Automatic method overriding in sub-classes
Jacob Carlborg via Digitalmars-d
digitalmars-d at puremagic.com
Tue Oct 27 00:52:26 PDT 2015
On 2015-10-27 00:25, Tofu Ninja wrote:
> I know this has basically no chance of ever actually being added because
> that is the way of all "I want feature X" threads, but I thought I would
> post this anyways because I seem to want it constantly.
>
> So we have TemplateThisParameters methods which are cool but have some
> drawbacks.
> They are templates so they are implicitly non-virtual and are called
> based on the type of the reference.
> It would be very nice to be able to auto generate method overrides based
> on the this type with out having to drop a mixin in every sub class.
> This would be very useful for CT-reflection.
> I will call this new feature auto override methods for the rest of this
> post.
>
> An auto override method would take the form of a template method with
> only a single type argument that is the type of the class or any of it's
> sub classes.
> To differentiate it from TemplateThisParameters it could look like:
>
> returnType functionName(auto override this T)() {...}
>
> When ever a class with an auto override method is sub-classed, the auto
> override method template is re-instantiated with the sub-class type and
> the method is overridden automatically.

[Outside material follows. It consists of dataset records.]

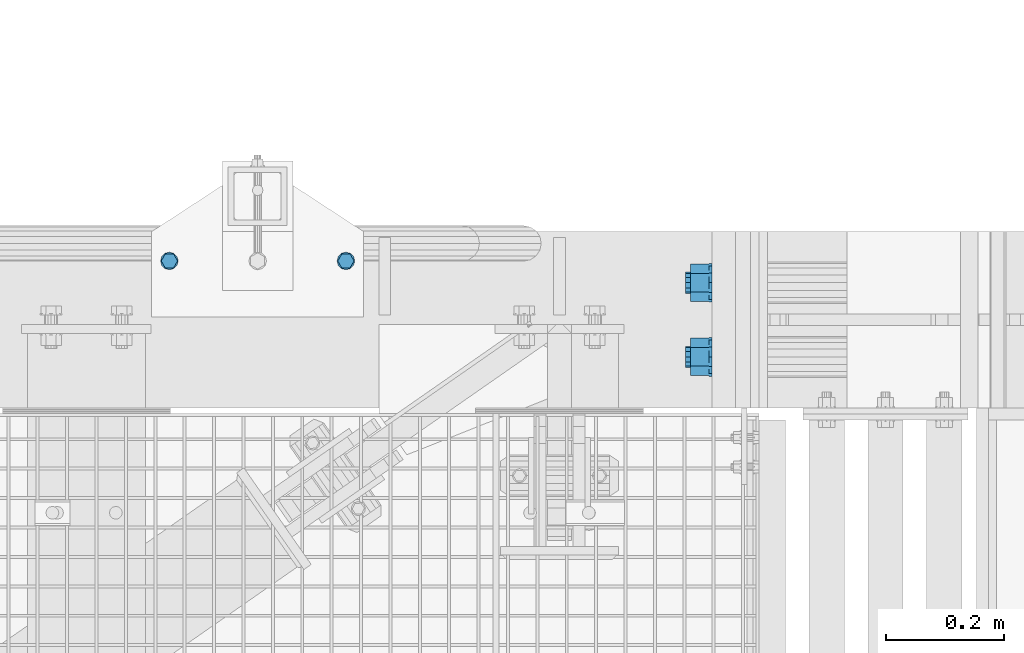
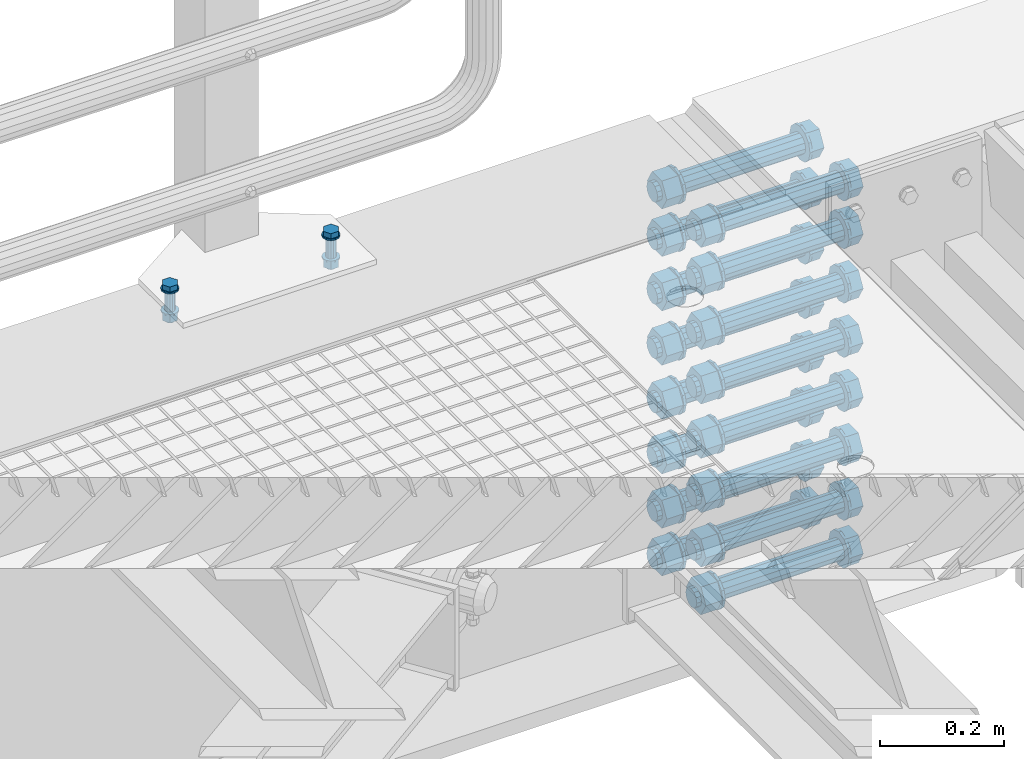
# One storey, part 58 of 1530: 2 mechanical fasteners.
"""IFC2X3 building model written with IfcOpenShell, lengths in millimetres."""

from ifc_helpers import new_model, si_unit, frame, origin_with_axes, place, context, subcontext, project, spatial, faceted_brep, source, transform, mapped, material, type_object, element, save


model = new_model("IFC2X3")

# Units and contexts
model_context = context("Model", 3, precision=1e-05, world=origin_with_axes())
body_context = subcontext(model_context, "Body", "Model", "MODEL_VIEW")
ifc_project = project(units=[si_unit("LENGTHUNIT", "METRE", prefix="MILLI"), si_unit("AREAUNIT", "SQUARE_METRE"), si_unit("VOLUMEUNIT", "CUBIC_METRE"), si_unit("MASSUNIT", "GRAM", prefix="KILO"), si_unit("TIMEUNIT", "SECOND"), si_unit("PLANEANGLEUNIT", "RADIAN"), si_unit("SOLIDANGLEUNIT", "STERADIAN"), si_unit("THERMODYNAMICTEMPERATUREUNIT", "DEGREE_CELSIUS"), si_unit("LUMINOUSINTENSITYUNIT", "LUMEN")], contexts=[model_context])

# Site, building, storey
site_placement = place(None, origin_with_axes())
site = spatial("IfcSite", under=ifc_project, at=site_placement, Name="Brattvåg", CompositionType="ELEMENT")
building_placement = place(site_placement, origin_with_axes())
building = spatial("IfcBuilding", under=site, at=building_placement, Name="Undefined", CompositionType="ELEMENT")
storey_placement = place(building_placement, origin_with_axes())
storey = spatial("IfcBuildingStorey", under=building, at=storey_placement, Name="Undefined", CompositionType="ELEMENT", Elevation=0.0)

# Mechanical fasteners
ifc_material = material(Name="8")
mechanical_fastener_type = type_object("IfcMechanicalFastenerType", Name="Bolt assembly")
shared_shape_1 = source(origin_with_axes(), body_context, "Body", "Brep", [
    faceted_brep([(31.7542648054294, -27.5, 0.0), (15.8771324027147, -27.5, 27.5), (-15.8771324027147, -27.5, 27.5), (-31.7542648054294, -27.5, 3.88877587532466e-15), (-15.8771324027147, -27.5, -27.5), (15.8771324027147, -27.5, -27.5), (15.8771324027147, -5.0, -27.5), (-15.8771324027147, -5.0, -27.5), (-31.7542648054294, -5.0, 3.88877587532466e-15), (-15.8771324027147, -5.0, 27.5), (15.8771324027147, -5.0, 27.5), (31.7542648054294, -5.0, 0.0), (18.0, -5.0, 0.0), (15.5884572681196, -5.0, 9.00000000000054), (8.99999999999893, -5.0, 15.5884572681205), (-1.86540476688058e-12, -5.0, 18.0), (-9.00000000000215, -5.0, 15.5884572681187), (-15.5884572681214, -5.0, 8.99999999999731), (-18.0, -5.0, -3.73080953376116e-12), (-15.5884572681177, -5.0, -9.00000000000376), (-8.9999999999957, -5.0, -15.5884572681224), (5.57623028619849e-12, -5.0, -18.0), (9.00000000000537, -5.0, -15.5884572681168), (15.5884572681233, -5.0, -8.99999999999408), (15.5884572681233, 275.0, -8.99999999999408), (9.00000000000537, 275.0, -15.5884572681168), (5.57623028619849e-12, 275.0, -18.0), (-8.9999999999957, 275.0, -15.5884572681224), (-15.5884572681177, 275.0, -9.00000000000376), (-18.0, 275.0, -3.73080953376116e-12), (-15.5884572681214, 275.0, 8.99999999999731), (-9.00000000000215, 275.0, 15.5884572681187), (-1.86540476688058e-12, 275.0, 18.0), (8.99999999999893, 275.0, 15.5884572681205), (15.5884572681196, 275.0, 9.00000000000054), (18.0, 275.0, 0.0), (33.0, -5.0, 0.0), (28.5788383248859, -5.0, 16.500000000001), (16.499999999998, -5.0, 28.5788383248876), (-3.41990873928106e-12, -5.0, 33.0), (-16.5000000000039, -5.0, 28.5788383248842), (-28.5788383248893, -5.0, 16.4999999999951), (-33.0, -5.0, -6.83981747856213e-12), (-28.5788383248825, -5.0, -16.5000000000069), (-16.4999999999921, -5.0, -28.578838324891), (1.02230888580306e-11, -5.0, -33.0), (16.5000000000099, -5.0, -28.5788383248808), (28.5788383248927, -5.0, -16.4999999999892), (28.5788383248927, 0.0, -16.4999999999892), (16.5000000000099, 0.0, -28.5788383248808), (1.02230888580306e-11, 0.0, -33.0), (-16.4999999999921, 0.0, -28.578838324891), (-28.5788383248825, 0.0, -16.5000000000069), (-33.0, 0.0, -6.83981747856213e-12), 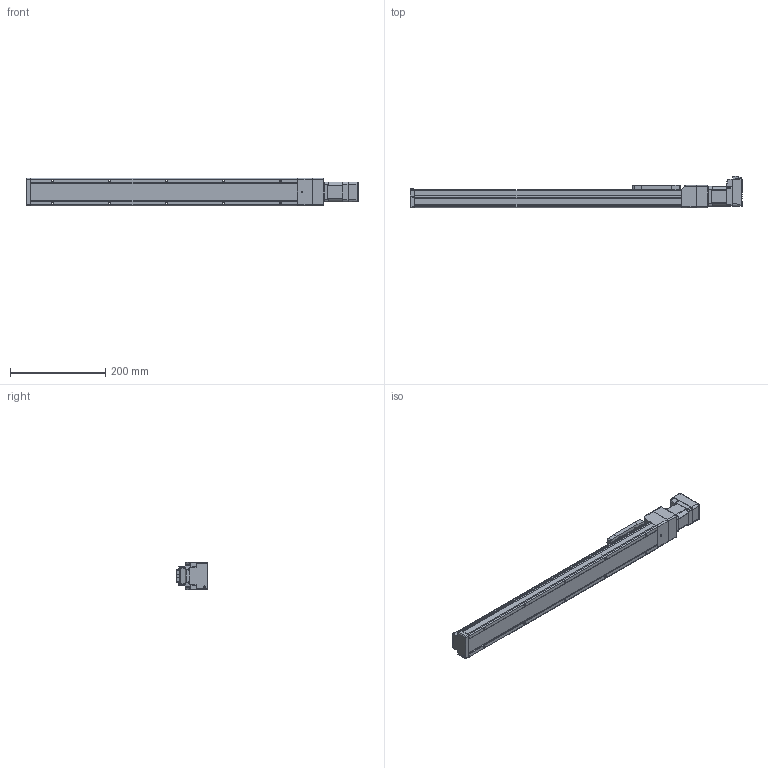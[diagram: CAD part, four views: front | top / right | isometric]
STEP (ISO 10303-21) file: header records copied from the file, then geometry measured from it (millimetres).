
FILE_DESCRIPTION (( 'STEP AP214' ), '1' );
FILE_NAME ('LEFS3(+)-25NM1Œû-450-17L.STEP', '2023-05-31T02:40:27', ( '' ), ( '' ), 'SwSTEP 2.0', 'SolidWorks 2019', '' );
FILE_SCHEMA (( 'AUTOMOTIVE_DESIGN' ));
Length unit declared in the file: millimetre
Products named in the file (5): LEFS3(+)-25NM1_MOTOR Flange; CM3(+)-17L50A; LEFS3(+)-25NM1口-450-17L; LEFS3(+)-25NM1_TABLE; LEFS3(+)-25NM1仩_BODY_450
Assembly tree (4 placements, depth 2):
  LEFS3(+)-25NM1口-450-17L
    LEFS3(+)-25NM1仩_BODY_450
    LEFS3(+)-25NM1_TABLE
    LEFS3(+)-25NM1_MOTOR Flange
    CM3(+)-17L50A
Bounding box: 697.3 x 66.75 x 58 mm (x, y, z)
Volume: 1380891.4 mm3; surface area: 178794.2 mm2
Topology: 5 solids, 5 shells, 999 faces, 2578 edges, 1624 vertices
Faces by surface type: plane 513, cylinder 314, cone 83, torus 39, bspline 29, sphere 21
Entity records: 40528 total; most frequent: CARTESIAN_POINT 7392, ORIENTED_EDGE 5094, DIRECTION 4910, EDGE_CURVE 2547, AXIS2_PLACEMENT_3D 1654, VERTEX_POINT 1624, LINE 1602, VECTOR 1602
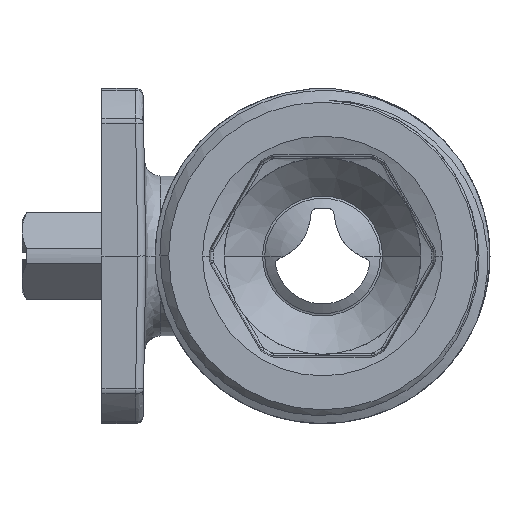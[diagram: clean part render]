
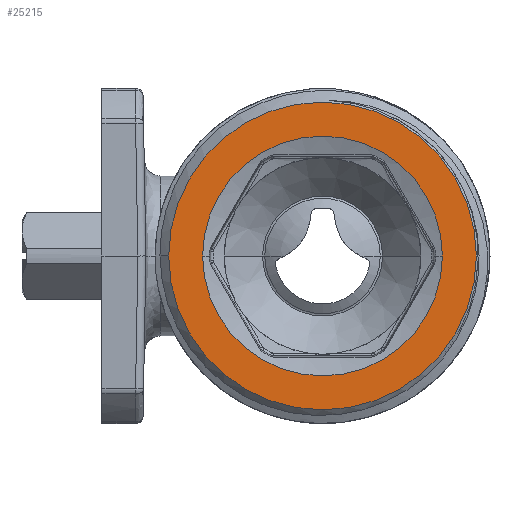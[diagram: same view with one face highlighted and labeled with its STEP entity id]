
A CAD part, left-side view. The second image highlights one B-rep face of the part: STEP entity #25215.
In plain terms, the highlighted planar face has unit normal (-1, 0, 0).
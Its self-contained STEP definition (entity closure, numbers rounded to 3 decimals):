
#3525=CARTESIAN_POINT('',(-44.7,0.,0.));
#3526=DIRECTION('',(1.,0.,0.));
#3527=DIRECTION('',(0.,-1.,0.));
#3528=AXIS2_PLACEMENT_3D('',#3525,#3526,#3527);
#3530=CARTESIAN_POINT('',(-44.7,0.,0.));
#3531=DIRECTION('',(-1.,0.,0.));
#3532=DIRECTION('',(0.,-1.,0.));
#3533=AXIS2_PLACEMENT_3D('',#3530,#3531,#3532);
#3543=CARTESIAN_POINT('',(-44.7,0.,0.));
#3544=DIRECTION('',(-1.,0.,0.));
#3545=DIRECTION('',(0.,-1.,0.));
#3546=AXIS2_PLACEMENT_3D('',#3543,#3544,#3545);
#3548=CARTESIAN_POINT('',(-44.7,0.,0.));
#3549=DIRECTION('',(1.,0.,0.));
#3550=DIRECTION('',(0.,-1.,0.));
#3551=AXIS2_PLACEMENT_3D('',#3548,#3549,#3550);
#20951=CARTESIAN_POINT('',(-44.7,-15.,0.));
#20953=VERTEX_POINT('',#20951);
#20955=CARTESIAN_POINT('',(-44.7,15.,0.));
#20957=VERTEX_POINT('',#20955);
#20959=CARTESIAN_POINT('',(-44.7,-19.25,0.));
#20960=CARTESIAN_POINT('',(-44.7,19.25,0.));
#20961=VERTEX_POINT('',#20959);
#20962=VERTEX_POINT('',#20960);
#25200=CARTESIAN_POINT('',(-44.7,0.,0.));
#25201=DIRECTION('',(1.,0.,0.));
#25202=DIRECTION('',(0.,-1.,0.));
#25203=AXIS2_PLACEMENT_3D('',#25200,#25201,#25202);
#25204=PLANE('',#25203);
#25205=ORIENTED_EDGE('',*,*,#25194,.T.);
#25206=ORIENTED_EDGE('',*,*,#24514,.F.);
#25207=EDGE_LOOP('',(#25205,#25206));
#25208=FACE_OUTER_BOUND('',#25207,.F.);
#25210=ORIENTED_EDGE('',*,*,#25209,.T.);
#25212=ORIENTED_EDGE('',*,*,#25211,.F.);
#25213=EDGE_LOOP('',(#25210,#25212));
#25214=FACE_BOUND('',#25213,.F.);
#3529=CIRCLE('',#3528,19.25);
#3534=CIRCLE('',#3533,19.25);
#3547=CIRCLE('',#3546,15.);
#3552=CIRCLE('',#3551,15.);
#24514=EDGE_CURVE('',#20961,#20962,#3534,.T.);
#25194=EDGE_CURVE('',#20961,#20962,#3529,.T.);
#25209=EDGE_CURVE('',#20953,#20957,#3547,.T.);
#25211=EDGE_CURVE('',#20953,#20957,#3552,.T.);
#25215=ADVANCED_FACE('',(#25208,#25214),#25204,.F.);

> Key point is that the method will still be virtual.
>
>
> Here is an example contrasting an auto override method with a regular
> TemplateThisParameters method.
>
> ##################################
> class A
> {
> void foo(this T)() { writeln(T.stringof); }
> void bar(auto override this T)() { writeln(T.stringof); }
> }
>
> class B : A {}
>
> void main()
> {
> A a = new A();
> a.foo(); // prints "A"
> a.bar(); // prints "A"
>
> B b = new B();
> b.foo(); // prints "B"
> b.bar(); // prints "B"
>
> A c = new B();
> c.foo(); // prints "A"
> c.bar(); // prints "B" <-- main advantage, method is virtual
> }
> ##################################
I don't think this is possible. Think of code looking like this:
// Imagine not having access to the source code "createA"
A createA()
{
new B;
}
void inspectA(A a)
{
a.bar();
}
How should the compiler know that when instantiating/calling "bar", T
should be set to B? The compiler might not even know about B exists at
all. Even if the compiler does have access to the complete source code
it would, most likely, need to do a full program analyze to figure out
the type of T, which is quite complicated.